Question

the following are the ages of 18 history teachers in a school district. 24, 25, 26, 29, 29, 31, 33, 37, 42, 44, 45, 46, 47, 49, 49, 52, 56, 57. notice that the ages are ordered from least to greatest. make a box - and - whisker plot for the data.

Explanation:

Step1: Find minimum and maximum

The minimum is \(24\) and maximum is \(57\) from the data set.

Step2: Calculate median

For \(n = 18\) (even), \(Q_2=\frac{42 + 44}{2}=43\).

Step3: Calculate first quartile

For lower half (\(n_1 = 9\) odd), \(Q_1\) is 5th value of lower - half data, \(Q_1 = 29\).
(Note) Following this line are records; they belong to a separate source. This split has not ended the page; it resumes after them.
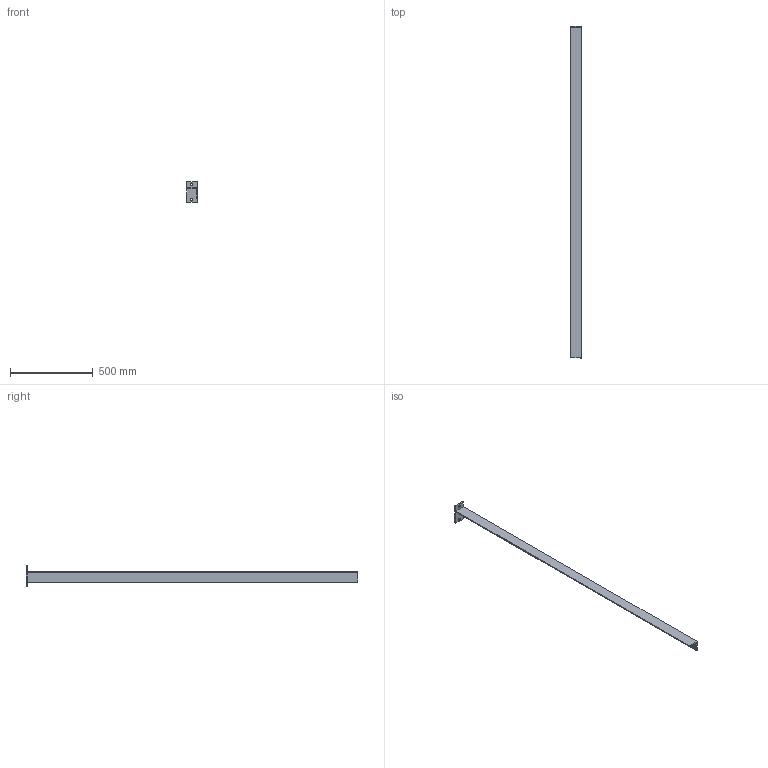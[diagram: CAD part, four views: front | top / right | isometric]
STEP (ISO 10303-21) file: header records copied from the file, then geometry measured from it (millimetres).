
FILE_DESCRIPTION(/* description */ (''),/* implementation_level */ '2;1');
FILE_NAME(/* name */ 'angle-65656t.step',/* time_stamp */ '2023-10-14T18:34:42+09:00',/* author */ (''),/* organization */ (''),/* preprocessor_version */ 'ST-DEVELOPER v20',/* originating_system */ 'Autodesk Translation Framework v12.14.0.127',/* authorisation */ '');
FILE_SCHEMA (('AUTOMOTIVE_DESIGN { 1 0 10303 214 3 1 1 }'));
Length unit declared in the file: millimetre
Products named in the file (1): angle-65*65*6t
Bounding box: 65 x 2009 x 125 mm (x, y, z)
Volume: 1558354.1 mm3; surface area: 541333.9 mm2
Topology: 2 solids, 2 shells, 16 faces, 36 edges, 24 vertices
Faces by surface type: plane 14, cylinder 2
Full cylindrical faces by diameter (mm): 14 x2
Entity records: 484 total; most frequent: CARTESIAN_POINT 77, DIRECTION 74, ORIENTED_EDGE 72, EDGE_CURVE 36, LINE 32, VECTOR 32, VERTEX_POINT 24, AXIS2_PLACEMENT_3D 21

Step4: Calculate third quartile

For upper half (\(n_2 = 9\) odd), \(Q_3\) is 5th value of upper - half data, \(Q_3=49\).

Step5: Draw the plot

Place dots for min and max, draw box from \(Q_1\) to \(Q_3\) and vertical line at \(Q_2\).

Answer:

To create a box - and - whisker plot, we need to find the five - number summary: minimum, first quartile ($Q_1$), median ($Q_2$), third quartile ($Q_3$), and maximum.

1. Minimum and Maximum:

• The data set is \(24,25,26,29,29,31,33,37,42,44,45,46,47,49,49,52,56,57\).
• The minimum value is \(24\) and the maximum value is \(57\).

1. Median ($Q_2$):

• Since \(n = 18\) (an even number), the median is the average of the \(\frac{n}{2}\)th and \((\frac{n}{2}+ 1)\)th ordered data values.
• \(\frac{n}{2}=\frac{18}{2}=9\) and \(\frac{n}{2}+1 = 10\).
• The 9th value is \(42\) and the 10th value is \(44\). So, \(Q_2=\frac{42 + 44}{2}=43\).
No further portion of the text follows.